Or they could do what the French do an issue a separate ownership document, which must be returned to the ONLY pio in France each time a horse is sold, so that the ownership is recorded on the central database.

As passports must be kept with keeper, this avoids the problem of horses stolen on loan.


----------



## JanetGeorge (14 February 2013)

lachlanandmarcus said:



			Interesting the FSA head person said today on R4 that they are talking to Defra about how to make the passport system work. I'm sure they might want to start with asking Defra how millions of Pios and abandoning NED was considered to be an effective traceability approach.....) personally hope NED is revived and there is a single PIO and passports are ownership docs.
		
Click to expand...


Defra has emailed all PIOs this week - telling us that it and FSA are trying to work out what went wrong - telling us that if we speak to journalists we must be careful not to breach the requirements of the DPA, and telling us that they will be writing to us in the next week telling us what we must be doing!!!!  It was a load of bo**ocks and I had the job of replying for my Breed Society.  I quite enjoyed it!

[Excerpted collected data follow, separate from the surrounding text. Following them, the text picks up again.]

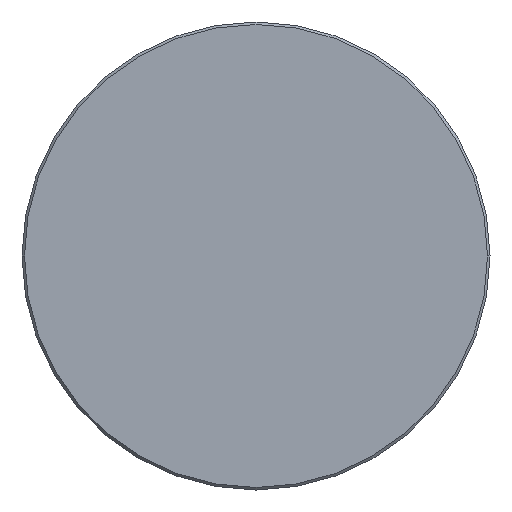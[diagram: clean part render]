
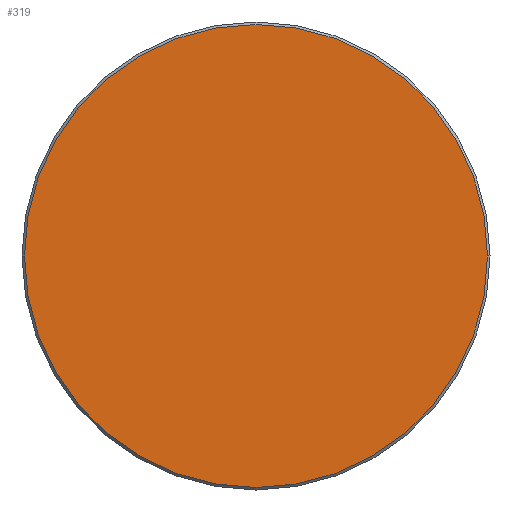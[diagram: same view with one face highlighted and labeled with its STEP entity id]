
A CAD part, left-side view. The second image highlights one B-rep face of the part: STEP entity #319.
In plain terms, the highlighted planar face has unit normal (-1, 0, 0).
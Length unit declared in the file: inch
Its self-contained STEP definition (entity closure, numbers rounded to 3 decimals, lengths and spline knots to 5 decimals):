
#4 = AXIS2_PLACEMENT_3D ( 'NONE', #172, #51, #20 ) ;
#12 = DIRECTION ( 'NONE',  ( 0., -1., 0. ) ) ;
#20 = DIRECTION ( 'NONE',  ( 0., -1., 0. ) ) ;
#26 = CARTESIAN_POINT ( 'NONE',  ( 0., 0., 0. ) ) ;
#34 = CIRCLE ( 'NONE', #4, 0.371 ) ;
#36 = ORIENTED_EDGE ( 'NONE', *, *, #61, .T. ) ;
#51 = DIRECTION ( 'NONE',  ( -1., 0., 0. ) ) ;
#55 = PLANE ( 'NONE',  #180 ) ;
#61 = EDGE_CURVE ( 'NONE', #308, #75, #204, .T. ) ;
#75 = VERTEX_POINT ( 'NONE', #134 ) ;
#91 = AXIS2_PLACEMENT_3D ( 'NONE', #334, #267, #12 ) ;
#134 = CARTESIAN_POINT ( 'NONE',  ( 0., -0.371, 0. ) ) ;
#172 = CARTESIAN_POINT ( 'NONE',  ( 0., 0., 0. ) ) ;
#180 = AXIS2_PLACEMENT_3D ( 'NONE', #26, #324, #372 ) ;
#204 = CIRCLE ( 'NONE', #91, 0.371 ) ;
#246 = FACE_OUTER_BOUND ( 'NONE', #323, .T. ) ;
#267 = DIRECTION ( 'NONE',  ( -1., 0., 0. ) ) ;
#286 = CARTESIAN_POINT ( 'NONE',  ( 0., 0.371, 0. ) ) ;
#289 = EDGE_CURVE ( 'NONE', #75, #308, #34, .T. ) ;
#290 = ORIENTED_EDGE ( 'NONE', *, *, #289, .T. ) ;
#308 = VERTEX_POINT ( 'NONE', #286 ) ;
#319 = ADVANCED_FACE ( 'NONE', ( #246 ), #55, .T. ) ;
#323 = EDGE_LOOP ( 'NONE', ( #36, #290 ) ) ;
#324 = DIRECTION ( 'NONE',  ( -1., 0., 0. ) ) ;
#334 = CARTESIAN_POINT ( 'NONE',  ( 0., 0., 0. ) ) ;
#372 = DIRECTION ( 'NONE',  ( 0., -1., 0. ) ) ;
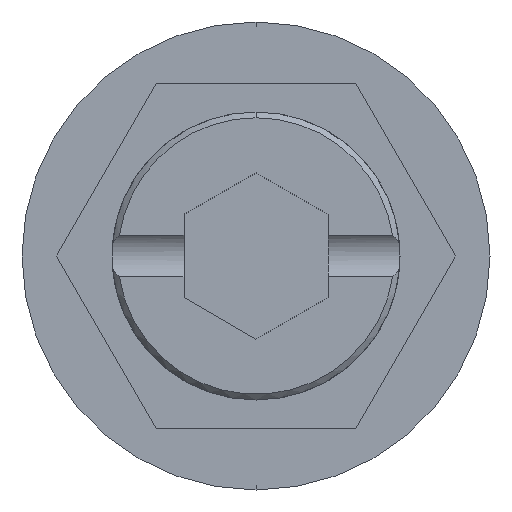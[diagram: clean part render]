
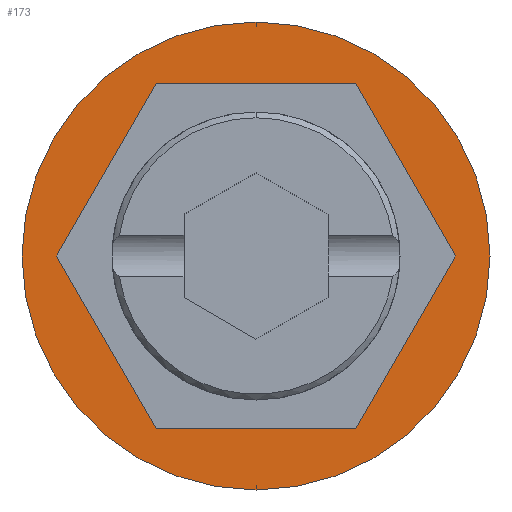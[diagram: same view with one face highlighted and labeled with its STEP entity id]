
A CAD part, front view. The second image highlights one B-rep face of the part: STEP entity #173.
In plain terms, the highlighted planar face has unit normal (0, -1, 0).
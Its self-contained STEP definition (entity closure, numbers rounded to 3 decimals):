
#59 = VECTOR ( 'NONE', #1613, 1000. ) ;
#70 = VERTEX_POINT ( 'NONE', #135 ) ;
#104 = CARTESIAN_POINT ( 'NONE',  ( 6.928, 0., 0. ) ) ;
#135 = CARTESIAN_POINT ( 'NONE',  ( -3.464, 0., 6. ) ) ;
#136 = CARTESIAN_POINT ( 'NONE',  ( 0., 0., 0. ) ) ;
#149 = DIRECTION ( 'NONE',  ( 0., -1., 0. ) ) ;
#157 = DIRECTION ( 'NONE',  ( 0., -1., 0. ) ) ;
#163 = EDGE_CURVE ( 'NONE', #825, #1105, #1420, .T. ) ;
#173 = ADVANCED_FACE ( 'NONE', ( #568, #1867 ), #1794, .T. ) ;
#174 = AXIS2_PLACEMENT_3D ( 'NONE', #136, #157, #540 ) ;
#177 = EDGE_LOOP ( 'NONE', ( #1279, #377, #2129, #345, #740, #1624 ) ) ;
#198 = VERTEX_POINT ( 'NONE', #401 ) ;
#230 = AXIS2_PLACEMENT_3D ( 'NONE', #970, #450, #449 ) ;
#244 = VERTEX_POINT ( 'NONE', #1130 ) ;
#290 = CIRCLE ( 'NONE', #230, 8.125 ) ;
#295 = LINE ( 'NONE', #463, #783 ) ;
#319 = ORIENTED_EDGE ( 'NONE', *, *, #1554, .T. ) ;
#345 = ORIENTED_EDGE ( 'NONE', *, *, #1348, .F. ) ;
#377 = ORIENTED_EDGE ( 'NONE', *, *, #163, .F. ) ;
#401 = CARTESIAN_POINT ( 'NONE',  ( 6.928, 0., 0. ) ) ;
#423 = CARTESIAN_POINT ( 'NONE',  ( 0., 0., -8.125 ) ) ;
#449 = DIRECTION ( 'NONE',  ( 0., 0., -1. ) ) ;
#450 = DIRECTION ( 'NONE',  ( 0., -1., 0. ) ) ;
#463 = CARTESIAN_POINT ( 'NONE',  ( -3.464, 0., -6. ) ) ;
#478 = EDGE_LOOP ( 'NONE', ( #319, #2012 ) ) ;
#540 = DIRECTION ( 'NONE',  ( 0., 0., -1. ) ) ;
#564 = DIRECTION ( 'NONE',  ( 0., 0., -1. ) ) ;
#568 = FACE_BOUND ( 'NONE', #177, .T. ) ;
#584 = CARTESIAN_POINT ( 'NONE',  ( 0., 0., 0. ) ) ;
#704 = EDGE_CURVE ( 'NONE', #70, #825, #1522, .T. ) ;
#740 = ORIENTED_EDGE ( 'NONE', *, *, #1449, .F. ) ;
#750 = VECTOR ( 'NONE', #1525, 1000. ) ;
#751 = DIRECTION ( 'NONE',  ( 1., 0., 0. ) ) ;
#758 = VERTEX_POINT ( 'NONE', #423 ) ;
#783 = VECTOR ( 'NONE', #751, 1000. ) ;
#825 = VERTEX_POINT ( 'NONE', #943 ) ;
#881 = LINE ( 'NONE', #104, #59 ) ;
#888 = CARTESIAN_POINT ( 'NONE',  ( 0., 0., 8.125 ) ) ;
#943 = CARTESIAN_POINT ( 'NONE',  ( -6.928, 0., 0. ) ) ;
#970 = CARTESIAN_POINT ( 'NONE',  ( 0., 0., 0. ) ) ;
#994 = VERTEX_POINT ( 'NONE', #1457 ) ;
#1105 = VERTEX_POINT ( 'NONE', #1126 ) ;
#1121 = DIRECTION ( 'NONE',  ( -0.5, 0., -0.866 ) ) ;
#1126 = CARTESIAN_POINT ( 'NONE',  ( -3.464, 0., -6. ) ) ;
#1130 = CARTESIAN_POINT ( 'NONE',  ( 3.464, 0., 6. ) ) ;
#1200 = CIRCLE ( 'NONE', #174, 8.125 ) ;
#1263 = AXIS2_PLACEMENT_3D ( 'NONE', #584, #149, #564 ) ;
#1271 = VERTEX_POINT ( 'NONE', #888 ) ;
#1279 = ORIENTED_EDGE ( 'NONE', *, *, #2139, .F. ) ;
#1348 = EDGE_CURVE ( 'NONE', #244, #70, #1908, .T. ) ;
#1420 = LINE ( 'NONE', #1573, #750 ) ;
#1449 = EDGE_CURVE ( 'NONE', #198, #244, #881, .T. ) ;
#1457 = CARTESIAN_POINT ( 'NONE',  ( 3.464, 0., -6. ) ) ;
#1474 = VECTOR ( 'NONE', #1999, 1000. ) ;
#1522 = LINE ( 'NONE', #1884, #2008 ) ;
#1525 = DIRECTION ( 'NONE',  ( 0.5, 0., -0.866 ) ) ;
#1554 = EDGE_CURVE ( 'NONE', #758, #1271, #290, .T. ) ;
#1557 = EDGE_CURVE ( 'NONE', #994, #198, #2031, .T. ) ;
#1573 = CARTESIAN_POINT ( 'NONE',  ( -6.928, 0., 0. ) ) ;
#1593 = CARTESIAN_POINT ( 'NONE',  ( 3.464, 0., 6. ) ) ;
#1613 = DIRECTION ( 'NONE',  ( -0.5, 0., 0.866 ) ) ;
#1624 = ORIENTED_EDGE ( 'NONE', *, *, #1557, .F. ) ;
#1666 = DIRECTION ( 'NONE',  ( 0.5, 0., 0.866 ) ) ;
#1673 = EDGE_CURVE ( 'NONE', #1271, #758, #1200, .T. ) ;
#1794 = PLANE ( 'NONE',  #1263 ) ;
#1867 = FACE_OUTER_BOUND ( 'NONE', #478, .T. ) ;
#1884 = CARTESIAN_POINT ( 'NONE',  ( -3.464, 0., 6. ) ) ;
#1908 = LINE ( 'NONE', #1593, #1474 ) ;
#1956 = CARTESIAN_POINT ( 'NONE',  ( 3.464, 0., -6. ) ) ;
#1983 = VECTOR ( 'NONE', #1666, 1000. ) ;
#1999 = DIRECTION ( 'NONE',  ( -1., 0., 0. ) ) ;
#2008 = VECTOR ( 'NONE', #1121, 1000. ) ;
#2012 = ORIENTED_EDGE ( 'NONE', *, *, #1673, .T. ) ;
#2031 = LINE ( 'NONE', #1956, #1983 ) ;
#2129 = ORIENTED_EDGE ( 'NONE', *, *, #704, .F. ) ;
#2139 = EDGE_CURVE ( 'NONE', #1105, #994, #295, .T. ) ;

I can't POSSIBLY put the contents of HIS e-mail here (as it was plastered in lots of guff about how confidential it was ) but this was my reply (you'll get the gist of what he was telling us!)


Dear David

I'm sure I was not the only Trustee of the IDHS(GB) (or official of other
PIOs) to be surprised by this e-mail!  As Charity Trustees, we are all
very aware of our responsibilities, of which those under the DPA are only
a small part!  Most Trustees do not have access to anything other than the
publicly viewable part of our database  - access to 'sensitive'
information on the database is strictly limited!

And NONE of this information would be of any interest to Journalists! 
Journalists want to know why the horse meat 'situation' has occurred and
anyone who has been involved in any way with horse passports over the
years since their implementation by law, is very well aware of the fact
they don't work as originally intended - and WHY they don't work.  The
evidence of this appears on a plethora of horse forums and discussion
groups, week in and week out!

We are therefore surprised that your department and the FSA appear not to
have a clue why the bute residue problem has occurred - we're just
surprised it has taken so long to be noticed!  Perhaps I can enlighten you
a little!

No doubt this problem is largely due to some fairly large scale 'criminal'
activity and a failure to check paperwork, probably at several stages
along the supply chain.  I can only comment on the passport 'situation'
and why it will stand in the way of determining the original source of
horses involved.

Passports have NOT worked as intended in the UK from the time of
introduction for a number of reasons, including - in no particular order:

1. Responsibility for change of ownership of a horse was put on the wrong
person - the buyer!  It should have been placed upon the seller.  As a
breeder, it frustrates me that horses I sold years ago are still in our
database as mine!  There are at least 10 of my horses in this category -
all bought by perfectly respectable, law-abiding people who were told they
should do it.

2.  Horses are still being sold without passports - and the buyer then has
to get a passport for it.  The only time anyone gets prosecuted for this
is the odd high profile Trading Standards case against a disreputable
dealer facing mis-selling charges - the lack of passport is just an
add-on!.  Whether these horses ever HAD a passport - or whether its first
passport shows a lot of treatment with bute or other drugs which would
make it appear 'risky' to a buyer - who knows!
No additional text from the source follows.